[Task goal] Range to reproduce from the entries below: the line with "#97519 = CARTESIAN_POINT", the line with "#107647 = CARTESIAN_POINT", and every line in between. Give them exactly and give nothing else.
▽
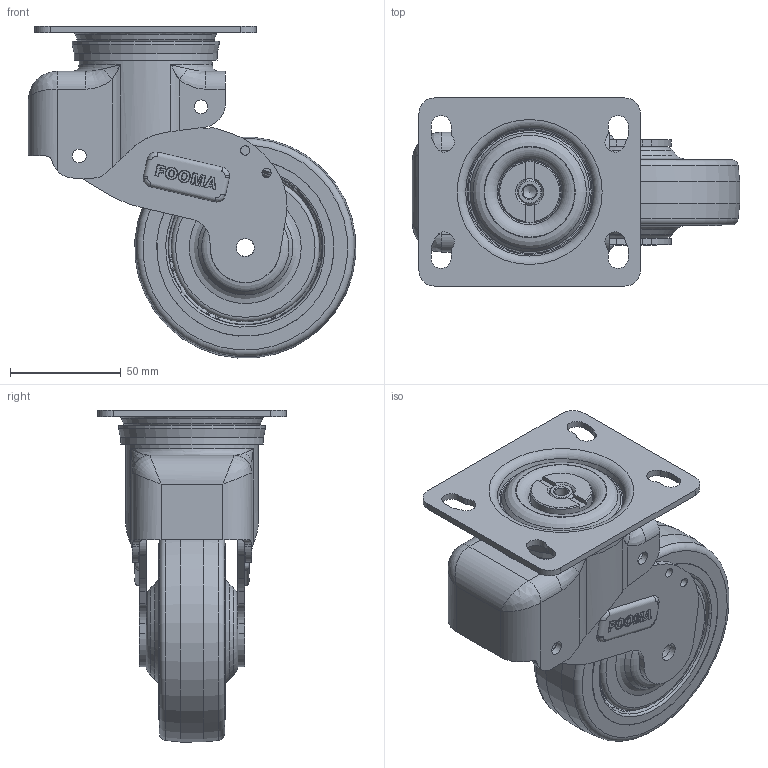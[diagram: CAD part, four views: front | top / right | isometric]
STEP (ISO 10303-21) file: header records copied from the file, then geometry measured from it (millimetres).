
FILE_DESCRIPTION((''),'2;1');
FILE_NAME('C:\Documents and Settings\Administrator\바탕 화면\3D STEP\G-SERIES\G-100\G-100A-SF.stp','2010-12-27T14:32:25',('Administrator'),(''),'Autodesk Inventor 2009','Autodesk Inventor 2009','');
FILE_SCHEMA(('AUTOMOTIVE_DESIGN { 1 0 10303 214 1 1 1 1 }'));
Length unit declared in the file: millimetre
Products named in the file (1): G-100A-SF
Bounding box: 147.86 x 85 x 149.96 mm (x, y, z)
Volume: 306358.8 mm3; surface area: 135556.4 mm2
Topology: 11 solids, 11 shells, 1493 faces, 4090 edges, 2629 vertices
Faces by surface type: bspline 559, plane 498, cylinder 321, torus 77, cone 38
Full cylindrical faces by diameter (mm): 4.2 x4, 5.153 x1, 6 x1, 6.2 x6, 8 x2, 8.2 x4, 12 x5, 13.4 x1, 18 x5, 22 x4, 28 x1, 31 x1, 33 x1, 34 x1, 36 x1, 43 x1, 50 x1, 51 x1, 51.2 x1, 52.8 x1, 54 x1, 54.27 x1, 60 x1, 63 x2, 64.5 x1, 66.4 x1, 67 x2, 100 x1
Entity records: 98787 total; most frequent: CARTESIAN_POINT 64580, ORIENTED_EDGE 7516, DIRECTION 6302, EDGE_CURVE 3758, VERTEX_POINT 2543, AXIS2_PLACEMENT_3D 2449, EDGE_LOOP 1799, FACE_OUTER_BOUND 1493
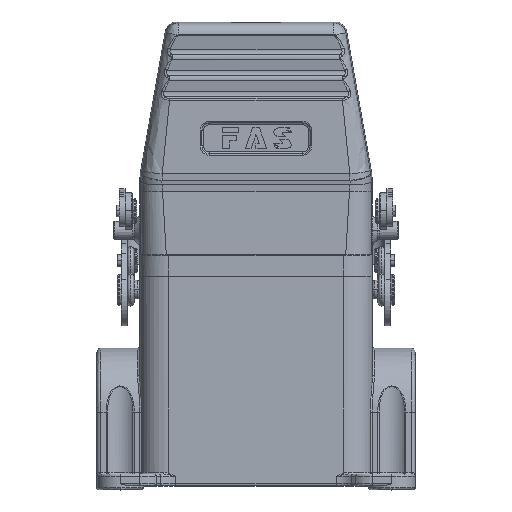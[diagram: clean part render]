
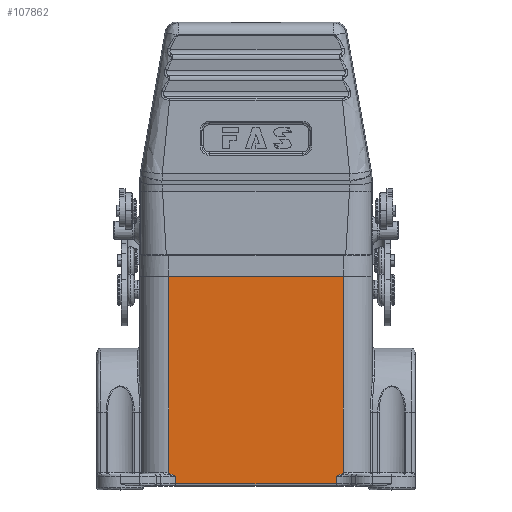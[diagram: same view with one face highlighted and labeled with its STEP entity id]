
A CAD part, top view. The second image highlights one B-rep face of the part: STEP entity #107862.
In plain terms, the highlighted planar face has unit normal (0, 0, 1) as drawn and (1, 0, 0) by its records, which use the part's own axes.
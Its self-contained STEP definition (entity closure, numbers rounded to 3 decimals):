
#660 = CARTESIAN_POINT ( 'NONE',  ( 21.5, 2.5, -20.737 ) ) ;
#1311 = VECTOR ( 'NONE', #92444, 1000. ) ;
#1442 = CARTESIAN_POINT ( 'NONE',  ( 21.5, 2.5, -20.737 ) ) ;
#1875 = CARTESIAN_POINT ( 'NONE',  ( 21.5, 54., 22.5 ) ) ;
#4747 = CARTESIAN_POINT ( 'NONE',  ( 21.5, 0.5, -20.737 ) ) ;
#4820 = CARTESIAN_POINT ( 'NONE',  ( 21.5, 2.756, 21.314 ) ) ;
#5177 = ORIENTED_EDGE ( 'NONE', *, *, #123320, .F. ) ;
#6162 = CARTESIAN_POINT ( 'NONE',  ( 21.5, 0., 20.737 ) ) ;
#6791 = LINE ( 'NONE', #6162, #98084 ) ;
#10652 = CARTESIAN_POINT ( 'NONE',  ( 21.5, 0., 22.5 ) ) ;
#11035 = VECTOR ( 'NONE', #72714, 1000. ) ;
#12668 = VECTOR ( 'NONE', #97257, 1000. ) ;
#13428 = DIRECTION ( 'NONE',  ( 1., 0., 0. ) ) ;
#14078 = FACE_OUTER_BOUND ( 'NONE', #99847, .T. ) ;
#14386 = CARTESIAN_POINT ( 'NONE',  ( 21.5, 3.123, 22.222 ) ) ;
#15996 = EDGE_CURVE ( 'NONE', #102643, #34452, #47061, .T. ) ;
#17639 = EDGE_CURVE ( 'NONE', #34452, #58745, #62807, .T. ) ;
#18234 = AXIS2_PLACEMENT_3D ( 'NONE', #43866, #13428, #41365 ) ;
#21611 = CARTESIAN_POINT ( 'NONE',  ( 21.5, 3.125, -22.227 ) ) ;
#24805 = EDGE_CURVE ( 'NONE', #50087, #52259, #6791, .T. ) ;
#25515 = CARTESIAN_POINT ( 'NONE',  ( 21.5, 3.216, 22.5 ) ) ;
#25782 = CARTESIAN_POINT ( 'NONE',  ( 21.5, 2.804, 21.424 ) ) ;
#25896 = CARTESIAN_POINT ( 'NONE',  ( 21.5, 54., 30. ) ) ;
#34452 = VERTEX_POINT ( 'NONE', #52093 ) ;
#35955 = ORIENTED_EDGE ( 'NONE', *, *, #43806, .T. ) ;
#36380 = CARTESIAN_POINT ( 'NONE',  ( 21.5, 2.5, 20.737 ) ) ;
#37684 = ORIENTED_EDGE ( 'NONE', *, *, #38948, .T. ) ;
#37764 = CARTESIAN_POINT ( 'NONE',  ( 21.5, 54., -22.5 ) ) ;
#38948 = EDGE_CURVE ( 'NONE', #98301, #42649, #97280, .T. ) ;
#39216 = DIRECTION ( 'NONE',  ( 0., -1., 0. ) ) ;
#39462 = CARTESIAN_POINT ( 'NONE',  ( 21.5, 3.015, -21.934 ) ) ;
#40072 = CARTESIAN_POINT ( 'NONE',  ( 21.5, 2.854, -21.544 ) ) ;
#41365 = DIRECTION ( 'NONE',  ( 0., 1., 0. ) ) ;
#42649 = VERTEX_POINT ( 'NONE', #25515 ) ;
#43806 = EDGE_CURVE ( 'NONE', #58745, #98301, #73960, .T. ) ;
#43866 = CARTESIAN_POINT ( 'NONE',  ( 21.5, 0., 30. ) ) ;
#45737 = B_SPLINE_CURVE_WITH_KNOTS ( 'NONE', 3,
 ( #91499, #14386, #82655, #82025, #72598, #25782, #4820, #113030, #120696, #62502 ),
 .UNSPECIFIED., .F., .F.,
 ( 4, 1, 2, 2, 1, 4 ),
 ( 0., 0.5, 0.563, 0.625, 0.75, 1. ),
 .UNSPECIFIED. ) ;
#46973 = ORIENTED_EDGE ( 'NONE', *, *, #15996, .T. ) ;
#47061 = B_SPLINE_CURVE_WITH_KNOTS ( 'NONE', 3,
 ( #660, #108267, #97519, #107647, #47668, #40072, #39462, #21611, #86787 ),
 .UNSPECIFIED., .F., .F.,
 ( 4, 1, 2, 2, 4 ),
 ( 0., 0.25, 0.375, 0.5, 1. ),
 .UNSPECIFIED. ) ;
#47668 = CARTESIAN_POINT ( 'NONE',  ( 21.5, 2.819, -21.461 ) ) ;
#50087 = VERTEX_POINT ( 'NONE', #36380 ) ;
#52093 = CARTESIAN_POINT ( 'NONE',  ( 21.5, 3.216, -22.5 ) ) ;
#52259 = VERTEX_POINT ( 'NONE', #78271 ) ;
#58745 = VERTEX_POINT ( 'NONE', #37764 ) ;
#60975 = VERTEX_POINT ( 'NONE', #4747 ) ;
#61634 = ORIENTED_EDGE ( 'NONE', *, *, #17639, .T. ) ;
#62502 = CARTESIAN_POINT ( 'NONE',  ( 21.5, 2.5, 20.737 ) ) ;
#62807 = LINE ( 'NONE', #82980, #1311 ) ;
#66333 = CARTESIAN_POINT ( 'NONE',  ( 21.5, 0., -20.737 ) ) ;
#72598 = CARTESIAN_POINT ( 'NONE',  ( 21.5, 2.819, 21.46 ) ) ;
#72714 = DIRECTION ( 'NONE',  ( 0., 0., 1. ) ) ;
#73960 = LINE ( 'NONE', #25896, #11035 ) ;
#78271 = CARTESIAN_POINT ( 'NONE',  ( 21.5, 0.5, 20.737 ) ) ;
#82025 = CARTESIAN_POINT ( 'NONE',  ( 21.5, 2.852, 21.538 ) ) ;
#82655 = CARTESIAN_POINT ( 'NONE',  ( 21.5, 2.999, 21.89 ) ) ;
#82980 = CARTESIAN_POINT ( 'NONE',  ( 21.5, 0., -22.5 ) ) ;
#86787 = CARTESIAN_POINT ( 'NONE',  ( 21.5, 3.216, -22.5 ) ) ;
#89085 = ORIENTED_EDGE ( 'NONE', *, *, #100879, .T. ) ;
#91499 = CARTESIAN_POINT ( 'NONE',  ( 21.5, 3.216, 22.5 ) ) ;
#92444 = DIRECTION ( 'NONE',  ( 0., 1., 0. ) ) ;
#97257 = DIRECTION ( 'NONE',  ( 0., 1., 0. ) ) ;
#97280 = LINE ( 'NONE', #10652, #111200 ) ;
#97519 = CARTESIAN_POINT ( 'NONE',  ( 21.5, 2.661, -21.094 ) ) ;
#98084 = VECTOR ( 'NONE', #112462, 1000. ) ;
#98301 = VERTEX_POINT ( 'NONE', #1875 ) ;
#99801 = EDGE_CURVE ( 'NONE', #60975, #102643, #113793, .T. ) ;
#99847 = EDGE_LOOP ( 'NONE', ( #37684, #89085, #110641, #5177, #120911, #46973, #61634, #35955 ) ) ;
#100879 = EDGE_CURVE ( 'NONE', #42649, #50087, #45737, .T. ) ;
#102643 = VERTEX_POINT ( 'NONE', #1442 ) ;
#107647 = CARTESIAN_POINT ( 'NONE',  ( 21.5, 2.756, -21.314 ) ) ;
#107862 = ADVANCED_FACE ( 'NONE', ( #14078 ), #110202, .T. ) ;
#108267 = CARTESIAN_POINT ( 'NONE',  ( 21.5, 2.565, -20.879 ) ) ;
#110202 = PLANE ( 'NONE',  #18234 ) ;
#110298 = VECTOR ( 'NONE', #114736, 1000. ) ;
#110641 = ORIENTED_EDGE ( 'NONE', *, *, #24805, .T. ) ;
#111200 = VECTOR ( 'NONE', #39216, 1000. ) ;
#112462 = DIRECTION ( 'NONE',  ( 0., -1., 0. ) ) ;
#113030 = CARTESIAN_POINT ( 'NONE',  ( 21.5, 2.662, 21.095 ) ) ;
#113793 = LINE ( 'NONE', #66333, #12668 ) ;
#114736 = DIRECTION ( 'NONE',  ( 0., 0., 1. ) ) ;
#120696 = CARTESIAN_POINT ( 'NONE',  ( 21.5, 2.565, 20.879 ) ) ;
#120911 = ORIENTED_EDGE ( 'NONE', *, *, #99801, .T. ) ;
#122418 = CARTESIAN_POINT ( 'NONE',  ( 21.5, 0.5, -22.746 ) ) ;
#123320 = EDGE_CURVE ( 'NONE', #60975, #52259, #123680, .T. ) ;
#123680 = LINE ( 'NONE', #122418, #110298 ) ;
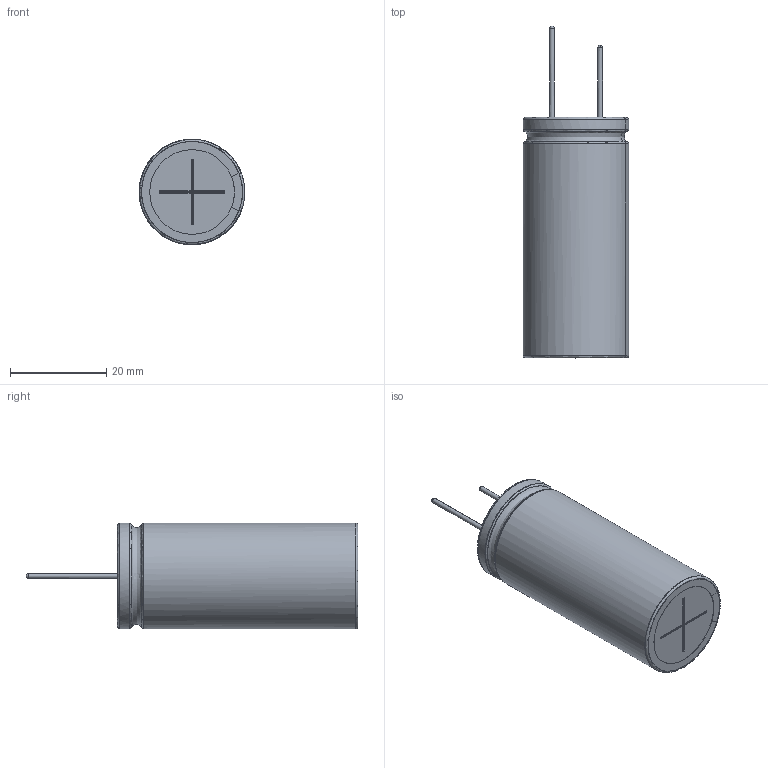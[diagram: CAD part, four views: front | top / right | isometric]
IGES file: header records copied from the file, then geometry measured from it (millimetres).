
Start section: JAMA-IS VERSION  1.0
Bounding box: 21.96 x 69 x 21.98 mm (x, y, z)
Surface area: 11771.1 mm2 (no closed solid volume)
Topology: 0 solids, 0 shells, 100 faces, 1352 edges, 1332 vertices
Faces by surface type: bspline 100
△
[Solved problem]
#97519 = CARTESIAN_POINT ( 'NONE',  ( 21.5, 2.661, -21.094 ) ) ;
#98084 = VECTOR ( 'NONE', #112462, 1000. ) ;
#98301 = VERTEX_POINT ( 'NONE', #1875 ) ;
#99801 = EDGE_CURVE ( 'NONE', #60975, #102643, #113793, .T. ) ;
#99847 = EDGE_LOOP ( 'NONE', ( #37684, #89085, #110641, #5177, #120911, #46973, #61634, #35955 ) ) ;
#100879 = EDGE_CURVE ( 'NONE', #42649, #50087, #45737, .T. ) ;
#102643 = VERTEX_POINT ( 'NONE', #1442 ) ;
#107647 = CARTESIAN_POINT ( 'NONE',  ( 21.5, 2.756, -21.314 ) ) ;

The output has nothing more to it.